# Beep from inverter



## chrisndeb (Feb 7, 2007)

Hi All

Im not to good with inverters so hes my question (it may seem daft to all of you)

We have a 300w which runs from our 110amp Battery, we run a small flat screen lcd tv and a normal 240v sky box, we use a double plug in the inverter to allow the 2 plugs to plug in.

I have run a 2 core cable (a long cig lighter extension lead) from the cab where the battery is to the wardrobe mid van with a female cig lighter which i connect the inverter into using the male cig lighter connecter it came with. 

All works fine for a few hours, the battery meter shows still loads of power but the inverter starts to beep?

I have a 600w inverter which clips to the battery with leads like jump leads (big) if I run a 240v extension lead from the inverter in the cab to the tv & sky box would this work, more to the point will it be ok? 

Thanks

Chris


----------



## DiscoDave (Aug 25, 2008)

The buzzer is indicating low voltage. Most likely below 10.5v into the inverter. Voltage drops in relation the current draw, size and length of the cable used.

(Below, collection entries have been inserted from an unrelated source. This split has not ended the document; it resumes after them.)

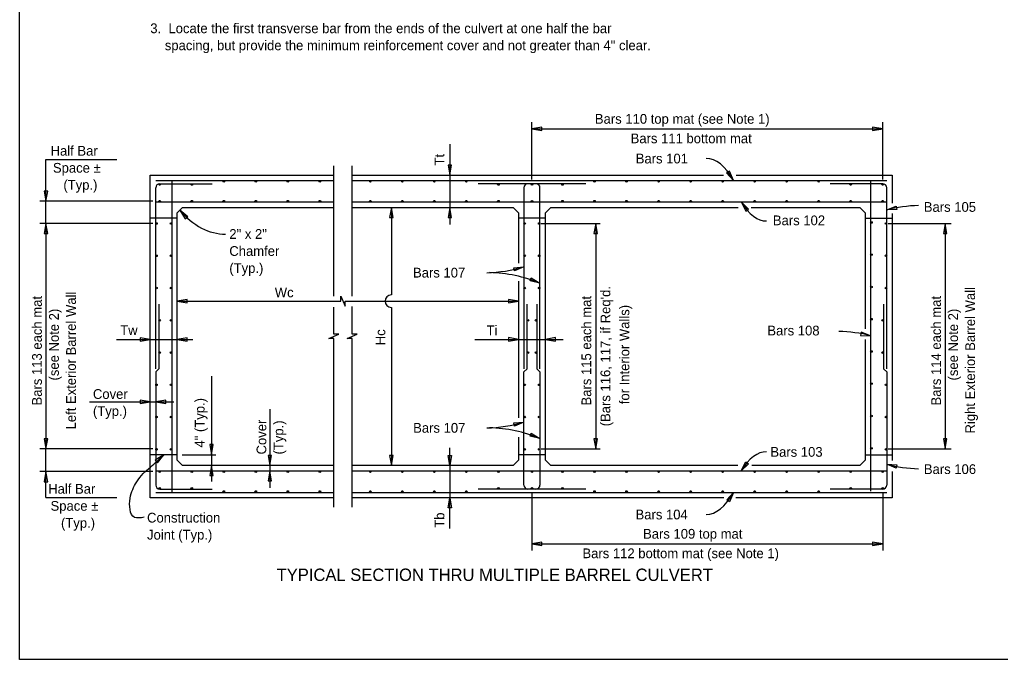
# Model space of a CAD drawing. Extents: x -178 to 179, y -5 to 45.
# Drawn here: x 2.47 to 32.88, y 3.35 to 23.18 of the extents above; entities that cross this region are included whole.
import ezdxf

# ---------------------------------------------------------------- set-up
doc = ezdxf.new("R2010")
doc.units = 0
for name, color, linetype in [('AdhocPoint_dp', 7, 'Continuous'), ('Leader', 7, 'Continuous'), ('PlotBorder_dp', 7, 'Continuous'), ('Rebar', 7, 'Continuous'), ('StrMiscConc', 7, 'Continuous'), ('StrMiscConc_h', 7, 'Continuous'), ('Symbols', 7, 'Continuous')]:
    doc.layers.add(name, color=color, linetype=linetype)

msp = doc.modelspace()

# ---------------------------------------------------------------- linework, layer by layer
at = {"layer": 'Leader'}
msp.add_arc((13.998, 14.455), 0.195, 90, 270, dxfattribs=at)
for centre, major_axis, start_param, end_param in [((23.835, 15.12), (0.076, -3.758), 2.52174, 3.141593), ((25.556, 20.698), (0.076, -3.758), 5.70763, 6.283185), ((25.556, 6.027), (0.076, 3.758), 0, 0.575555), ((23.835, 11.605), (0.076, 3.758), 3.141593, 3.761445)]:
    msp.add_ellipse(centre, major_axis=major_axis, ratio=0.38143, start_param=start_param, end_param=end_param, dxfattribs=at)
msp.add_spline([(6.339, 7.756), (6.039, 7.754), (5.902, 8.348), (6.106, 8.85), (6.303, 9.11), (6.531, 9.312), (6.943, 9.696)], degree=3, dxfattribs=at)
at = {"layer": 'PlotBorder_dp'}
for p, q in [((18.356, 18.228), (18.356, 19.999)), ((18.356, 19.793), (29.231, 19.793)), ((29.231, 18.228), (29.231, 19.999)), ((15.812, 19.32), (15.812, 18.362)), ((3.291, 17.554), (3.291, 18.842)), ((3.291, 18.842), (5.485, 18.842)), ((15.812, 18.362), (15.812, 17.362)), ((6.605, 17.554), (3.097, 17.554)), ((3.291, 16.862), (3.291, 17.554)), ((13.998, 17.362), (13.998, 14.651)), ((15.812, 17.362), (15.812, 16.831)), ((6.605, 16.862), (3.097, 16.862)), ((3.291, 16.862), (3.291, 9.88)), ((18.639, 16.862), (20.469, 16.862)), ((20.332, 16.862), (20.332, 9.88)), ((29.4, 16.862), (31.355, 16.862)), ((31.163, 16.862), (31.163, 9.88)), ((13.998, 14.26), (13.998, 9.362)), ((5.481, 13.264), (6.526, 13.264)), ((6.526, 13.264), (7.36, 13.264)), ((7.36, 13.264), (7.843, 13.264)), ((16.582, 13.271), (17.939, 13.271)), ((17.939, 13.271), (18.772, 13.271)), ((18.772, 13.271), (19.324, 13.271)), ((8.423, 12.13), (8.423, 9.696)), ((4.636, 11.336), (6.526, 11.336)), ((6.526, 11.336), (6.693, 11.336)), ((6.693, 11.336), (7.256, 11.336)), ((10.234, 11.103), (10.234, 9.362)), ((6.605, 9.88), (3.097, 9.88)), ((3.291, 9.171), (3.291, 9.88)), ((15.812, 9.362), (15.812, 9.912)), ((18.639, 9.88), (20.469, 9.88)), ((29.4, 9.88), (31.355, 9.88)), ((7.513, 9.696), (8.555, 9.696)), ((8.423, 9.696), (8.423, 9.362)), ((6.605, 9.171), (3.097, 9.171)), ((3.291, 8.367), (3.291, 9.171)), ((8.423, 9.362), (8.423, 8.868)), ((10.234, 9.362), (10.234, 9.196)), ((10.234, 9.196), (10.234, 8.665)), ((15.812, 9.362), (15.812, 8.362)), ((3.291, 8.367), (5.485, 8.367)), ((15.812, 7.405), (15.812, 8.362)), ((18.356, 8.496), (18.356, 6.726)), ((29.231, 8.496), (29.231, 6.726)), ((18.356, 6.932), (29.231, 6.932))]:
    msp.add_line(p, q, dxfattribs=at)
for points in [[(2.474, 42.838), (63.281, 42.838), (63.281, 3.352), (2.474, 3.352)], [(18.356, 19.793), (18.668, 19.74), (18.668, 19.846)], [(29.231, 19.793), (28.918, 19.846), (28.918, 19.74)], [(15.812, 18.362), (15.865, 18.675), (15.76, 18.675)], [(24.606, 18.196), (24.482, 18.487), (24.392, 18.43)], [(3.291, 17.554), (3.344, 17.867), (3.238, 17.867)], [(13.998, 17.362), (13.945, 17.05), (14.051, 17.05)], [(15.812, 17.362), (15.76, 17.05), (15.865, 17.05)], [(24.84, 17.529), (24.983, 17.247), (25.069, 17.31)], [(29.356, 17.282), (29.649, 17.403), (29.672, 17.299)], [(7.443, 17.279), (7.602, 17.005), (7.684, 17.073)], [(3.291, 16.862), (3.238, 16.55), (3.344, 16.55)], [(20.332, 16.862), (20.28, 16.55), (20.385, 16.55)], [(31.163, 16.862), (31.11, 16.55), (31.216, 16.55)], [(18.106, 15.519), (17.816, 15.39), (17.79, 15.493)], [(18.606, 15.01), (18.297, 15.081), (18.337, 15.179)], [(7.36, 14.455), (7.672, 14.403), (7.672, 14.508)], [(17.939, 14.455), (17.627, 14.508), (17.627, 14.403)], [(28.856, 13.382), (28.561, 13.497), (28.539, 13.393)], [(6.526, 13.264), (6.214, 13.317), (6.214, 13.211)], [(7.36, 13.264), (7.672, 13.211), (7.672, 13.317)], [(17.939, 13.271), (17.627, 13.324), (17.627, 13.218)], [(18.772, 13.271), (19.085, 13.218), (19.085, 13.324)], [(6.526, 11.336), (6.214, 11.389), (6.214, 11.283)], [(6.693, 11.336), (7.005, 11.283), (7.005, 11.389)], [(18.106, 10.709), (17.817, 10.579), (17.79, 10.682)], [(18.606, 10.2), (18.297, 10.27), (18.337, 10.368)], [(3.291, 9.88), (3.344, 10.193), (3.238, 10.193)], [(20.332, 9.88), (20.385, 10.193), (20.28, 10.193)], [(31.163, 9.88), (31.216, 10.193), (31.11, 10.193)], [(8.423, 9.696), (8.476, 10.008), (8.37, 10.008)], [(6.943, 9.696), (6.678, 9.522), (6.751, 9.444)], [(10.234, 9.362), (10.287, 9.675), (10.181, 9.675)], [(13.998, 9.362), (14.051, 9.675), (13.945, 9.675)], [(15.812, 9.362), (15.76, 9.675), (15.865, 9.675)], [(24.84, 9.196), (24.982, 9.479), (25.068, 9.416)], [(3.291, 9.171), (3.238, 8.858), (3.344, 8.858)], [(8.423, 9.362), (8.37, 9.05), (8.476, 9.05)], [(10.234, 9.196), (10.181, 8.883), (10.287, 8.883)], [(29.356, 9.398), (29.672, 9.387), (29.651, 9.283)], [(24.606, 8.529), (24.482, 8.238), (24.393, 8.295)], [(15.812, 8.362), (15.865, 8.05), (15.76, 8.05)], [(18.356, 6.932), (18.668, 6.879), (18.668, 6.984)], [(29.231, 6.932), (28.918, 6.984), (28.918, 6.879)]]:
    msp.add_lwpolyline(points, close=True, dxfattribs=at)
for centre, start, end in [((30.431, 13.079), 91.2114, 104.3468), ((16.864, 19.676), 271.2114, 286.6314), ((16.947, 11.001), 67.5277, 88.7886), ((27.781, 9.179), 75.6532, 88.7886), ((16.864, 14.866), 271.2114, 286.6314), ((16.947, 6.191), 67.5277, 88.7886), ((30.431, 13.601), 255.6532, 268.7886)]:
    msp.add_arc(centre, 4.339, start, end, dxfattribs=at)
msp.add_ellipse((8.83, 20.041), major_axis=(-0.03, 3.508), ratio=0.647453, start_param=2.471513, end_param=3.141593, dxfattribs=at)
at = {"layer": 'Rebar'}
for p, q in [((6.693, 18.196), (12.214, 18.196)), ((6.693, 12.362), (6.693, 17.971)), ((6.818, 18.096), (8.443, 18.096)), ((7.193, 18.196), (7.193, 8.529)), ((12.786, 18.196), (29.356, 18.196)), ((18.481, 18.096), (16.689, 18.096)), ((18.106, 17.971), (18.106, 12.362)), ((20.022, 18.096), (18.231, 18.096)), ((18.606, 12.362), (18.606, 17.971)), ((29.231, 18.096), (27.606, 18.096)), ((28.856, 18.196), (28.856, 8.561)), ((29.356, 12.362), (29.356, 17.971)), ((6.693, 17.529), (12.214, 17.529)), ((12.786, 17.529), (29.356, 17.529)), ((6.793, 14.362), (6.793, 12.362)), ((18.206, 12.362), (18.206, 14.362)), ((18.506, 14.362), (18.506, 12.362)), ((29.256, 14.362), (29.256, 12.362)), ((6.793, 12.362), (6.693, 12.262)), ((6.693, 12.262), (6.693, 8.754)), ((18.106, 12.262), (18.206, 12.362)), ((18.106, 8.754), (18.106, 12.262)), ((18.506, 12.362), (18.606, 12.262)), ((18.606, 12.262), (18.606, 8.754)), ((29.256, 12.362), (29.356, 12.262)), ((29.356, 12.262), (29.356, 8.754)), ((6.693, 9.196), (12.214, 9.196)), ((12.786, 9.196), (29.356, 9.196)), ((6.693, 8.529), (12.214, 8.529)), ((6.818, 8.629), (8.443, 8.629)), ((12.786, 8.529), (29.356, 8.529)), ((18.481, 8.629), (16.689, 8.629)), ((20.022, 8.629), (18.231, 8.629)), ((29.231, 8.629), (27.606, 8.629))]:
    msp.add_line(p, q, dxfattribs=at)
for centre in [(6.818, 18.071), (7.811, 18.071), (8.804, 18.171), (9.796, 18.171), (10.789, 18.171), (11.782, 18.171), (13.347, 18.171), (14.34, 18.171), (15.332, 18.171), (16.325, 18.171), (17.318, 18.071), (18.356, 18.071), (19.303, 18.071), (20.296, 18.171), (21.289, 18.171), (22.282, 18.171), (23.274, 18.171), (24.267, 18.171), (25.26, 18.171), (26.252, 18.171), (27.245, 18.171), (28.238, 18.071), (29.231, 18.071), (6.818, 17.554), (7.811, 17.554), (8.804, 17.554), (9.796, 17.554), (10.789, 17.554), (11.782, 17.554), (13.347, 17.554), (14.34, 17.554), (15.332, 17.554), (16.325, 17.554), (17.318, 17.554), (18.356, 17.554), (19.303, 17.554), (20.296, 17.554), (21.289, 17.554), (22.282, 17.554), (23.274, 17.554), (24.267, 17.554), (25.26, 17.554), (26.252, 17.554), (27.245, 17.554), (28.238, 17.554), (29.231, 17.554), (6.718, 16.862), (7.168, 16.862), (18.131, 16.862), (18.581, 16.862), (28.881, 16.895), (29.331, 16.862), (6.718, 15.862), (7.168, 15.862), (18.131, 15.862), (18.581, 15.862), (28.881, 15.895), (29.331, 15.862), (28.881, 14.895), (6.718, 14.862), (7.168, 14.862), (18.131, 14.862), (18.581, 14.862), (29.331, 14.862), (6.818, 13.862), (7.168, 13.862), (18.231, 13.862), (18.481, 13.862), (28.881, 13.895), (29.231, 13.862), (6.818, 12.862), (7.168, 12.862), (18.231, 12.862), (18.481, 12.862), (28.881, 12.895), (29.231, 12.862), (6.718, 11.862), (7.168, 11.862), (18.131, 11.862), (18.581, 11.862), (28.881, 11.895), (29.331, 11.862), (6.718, 10.862), (7.168, 10.862), (18.131, 10.862), (18.581, 10.862), (28.881, 10.895), (29.331, 10.862), (6.718, 9.862), (7.168, 9.862), (18.131, 9.862), (18.581, 9.862), (28.881, 9.895), (29.331, 9.862), (6.818, 9.171), (7.811, 9.171), (8.804, 9.171), (9.796, 9.171), (10.789, 9.171), (11.782, 9.171), (13.347, 9.171), (14.34, 9.171), (15.332, 9.171), (16.325, 9.171), (17.318, 9.171), (18.356, 9.171), (19.303, 9.171), (20.296, 9.171), (21.289, 9.171), (22.282, 9.171), (23.274, 9.171), (24.267, 9.171), (25.26, 9.171), (26.252, 9.171), (27.245, 9.171), (28.238, 9.171), (29.231, 9.171), (6.818, 8.654), (7.811, 8.654), (8.804, 8.554), (9.796, 8.554), (10.789, 8.554), (11.782, 8.554), (13.347, 8.554), (14.34, 8.554), (15.332, 8.554), (16.325, 8.554), (17.318, 8.654), (18.356, 8.654), (19.303, 8.654), (20.296, 8.554), (21.289, 8.554), (22.282, 8.554), (23.274, 8.554), (24.267, 8.554), (25.26, 8.554), (26.252, 8.554), (27.245, 8.554), (28.238, 8.654), (29.231, 8.654)]:
    msp.add_circle(centre, 0.025, dxfattribs=at)
for centre, start, end in [((6.818, 17.971), 90, 180), ((18.231, 17.971), 90, 180), ((18.481, 17.971), 0, 90), ((29.231, 17.971), 0, 90), ((6.818, 8.754), 180, 270), ((18.231, 8.754), 180, 270), ((18.481, 8.754), 270, 0), ((29.231, 8.754), 270, 0)]:
    msp.add_arc(centre, 0.125, start, end, dxfattribs=at)
at = {"layer": 'StrMiscConc'}
for p, q in [((6.526, 8.362), (6.526, 18.362)), ((6.526, 18.362), (12.214, 18.362)), ((12.786, 18.362), (24.292, 18.362)), ((24.688, 18.362), (29.522, 18.362)), ((29.522, 18.362), (29.522, 17.491)), ((7.36, 17.196), (7.526, 17.362)), ((7.526, 17.362), (12.214, 17.362)), ((12.786, 17.362), (17.772, 17.362)), ((17.772, 17.362), (17.939, 17.196)), ((18.772, 17.196), (18.939, 17.362)), ((18.939, 17.362), (24.748, 17.362)), ((25.151, 17.362), (28.522, 17.362)), ((28.522, 17.362), (28.689, 17.196)), ((7.36, 9.529), (7.36, 17.196)), ((17.939, 17.196), (17.939, 15.634)), ((18.772, 9.529), (18.772, 17.196)), ((28.689, 17.196), (28.689, 13.595)), ((29.522, 17.169), (29.522, 9.521)), ((17.939, 15.077), (17.939, 10.836)), ((28.689, 13.265), (28.689, 9.529)), ((17.939, 10.235), (17.939, 9.529)), ((7.526, 9.362), (7.36, 9.529)), ((17.939, 9.529), (17.772, 9.362)), ((18.939, 9.362), (18.772, 9.529)), ((28.689, 9.529), (28.522, 9.362)), ((12.214, 9.362), (7.526, 9.362)), ((17.772, 9.362), (12.786, 9.362)), ((24.741, 9.362), (18.939, 9.362)), ((28.522, 9.362), (25.172, 9.362)), ((29.522, 9.175), (29.522, 8.362)), ((12.214, 8.362), (6.526, 8.362)), ((24.302, 8.362), (12.786, 8.362)), ((29.522, 8.362), (24.676, 8.362))]:
    msp.add_line(p, q, dxfattribs=at)
at = {"layer": 'StrMiscConc_h'}
for p, q in [((7.36, 17.029), (6.526, 17.029)), ((18.772, 17.029), (17.939, 17.029)), ((28.689, 17.029), (29.522, 17.029)), ((7.36, 9.696), (6.526, 9.696)), ((18.772, 9.696), (17.939, 9.696)), ((28.689, 9.696), (29.522, 9.696))]:
    msp.add_line(p, q, dxfattribs=at)
at = {"layer": 'Symbols'}
for points in [[(12.214, 14.61), (12.214, 18.652)], [(12.786, 14.61), (12.786, 18.652)], [(7.36, 14.455), (12.432, 14.455), (12.432, 14.61), (12.567, 14.3), (12.567, 14.455), (17.939, 14.455)], [(12.214, 8.067), (12.214, 13.295), (12.059, 13.295), (12.369, 13.43), (12.214, 13.43), (12.214, 14.265)], [(12.786, 8.067), (12.786, 13.295), (12.631, 13.295), (12.941, 13.43), (12.786, 13.43), (12.786, 14.285)]]:
    msp.add_lwpolyline(points, dxfattribs=at)

# ---------------------------------------------------------------- texts
at = {"layer": 'AdhocPoint_dp'}
for s, height, p in [('3.  Locate the first transverse bar from the ends of the culvert at one half the bar', 0.3024, (6.526, 22.761)), ('    spacing, but provide the minimum reinforcement cover and not greater than 4" clear.', 0.3024, (6.526, 22.233)), ('Bars 110 top mat (see Note 1)', 0.3024, (20.307, 19.954)), ('Bars 111 bottom mat', 0.3024, (21.416, 19.349)), ('Half Bar', 0.3024, (3.435, 18.965)), ('Bars 101', 0.3024, (21.574, 18.724)), ('Space ±', 0.3024, (3.507, 18.437)), ('(Typ.)', 0.3024, (3.831, 17.909)), ('Bars 105', 0.3024, (30.504, 17.224)), ('Bars 102', 0.3024, (25.825, 16.808)), ('2" x 2"', 0.3024, (8.975, 16.386)), ('Chamfer', 0.3024, (8.975, 15.858)), ('(Typ.)', 0.3024, (8.975, 15.33)), ('Bars 107', 0.3024, (14.67, 15.188)), ('Wc', 0.3024, (10.384, 14.575)), ('Tw', 0.3024, (5.593, 13.406)), ('Ti', 0.3024, (16.949, 13.399)), ('Bars 108', 0.3024, (25.654, 13.393)), ('Cover', 0.3024, (4.747, 11.425)), ('(Typ.)', 0.3024, (4.747, 10.897)), ('Bars 107', 0.3024, (14.674, 10.377)), ('Bars 103', 0.3024, (25.748, 9.632)), ('Bars 106', 0.3024, (30.506, 9.097)), ('Half Bar', 0.3024, (3.361, 8.487)), ('Space ±', 0.3024, (3.433, 7.959)), ('Construction', 0.3024, (6.425, 7.593)), ('Bars 104', 0.3024, (21.568, 7.691)), ('(Typ.)', 0.3024, (3.757, 7.431)), ('Joint (Typ.)', 0.3024, (6.425, 7.065)), ('TYPICAL SECTION THRU MULTIPLE BARREL CULVERT', 0.384, (10.441, 5.782))]:
    msp.add_text(s, height=height, dxfattribs=at).set_placement(p)
for s, rotation, p in [('Tt', 90, (15.641, 18.66)), ('Bars 113 each mat', 90, (3.163, 11.222)), ('Left Exterior Barrel Wall', 90, (4.219, 10.48)), ('Bars 115 each mat', 90, (20.194, 11.222)), ("(Bars 116, 117, if Req'd.", 90, (20.785, 10.576)), ('Bars 114 each mat', 90, (31.036, 11.222)), ('Right Exterior Barrel Wall', 90, (32.092, 10.354)), ('for Interior Walls)', 90, (21.375, 11.261)), ('(see Note 2)', 90, (3.691, 11.996)), ('(see Note 2)', 90, (31.564, 11.996)), ('Hc', 90, (13.81, 13.088)), ('4" (Typ.)', 90, (8.208, 9.917)), ('Cover', 90, (10.122, 9.703)), ('(Typ.)', 90, (10.65, 9.703)), ('Tb', 90, (15.641, 7.432)), ('Bars 109 top mat', 360, (21.801, 7.093)), ('Bars 112 bottom mat (see Note 1)', 360, (19.922, 6.488))]:
    msp.add_text(s, height=0.3024, rotation=rotation, dxfattribs=at).set_placement(p)

doc.saveas('drawing.dxf')

as a simplififed example if the volt drop is 2 volts and is effective on the 12v side of the invertor that is a 16% drop.

if you swap invertors anduse a 230v extension lead the 2 volt volt drop applies to the 230v side of an invertor and is only 0.9% of the total and so has no effect on the appliances used.

hope this goes some way to explaining it for you.


----------



## chrisndeb (Feb 7, 2007)

Thanks DicoDave

Would it work the same if I put the 300w inverter on a short lead by the battery and used a 240v extension lead? as the smaller inverter is silent?

Thanks

Chris


----------



## DiscoDave (Aug 25, 2008)

certainly would do yes.


----------



## HarleyBiker (Apr 16, 2009)

Hi chrisndeb,

I think your problem is that the 12v cable feeding the inverter is too light (thin) causing voltage drop. I will be ok when the batteries are in titp top condition but as they discharge slightly, the loss will be too great.

If you replace this with a thicker cable it should present a cure.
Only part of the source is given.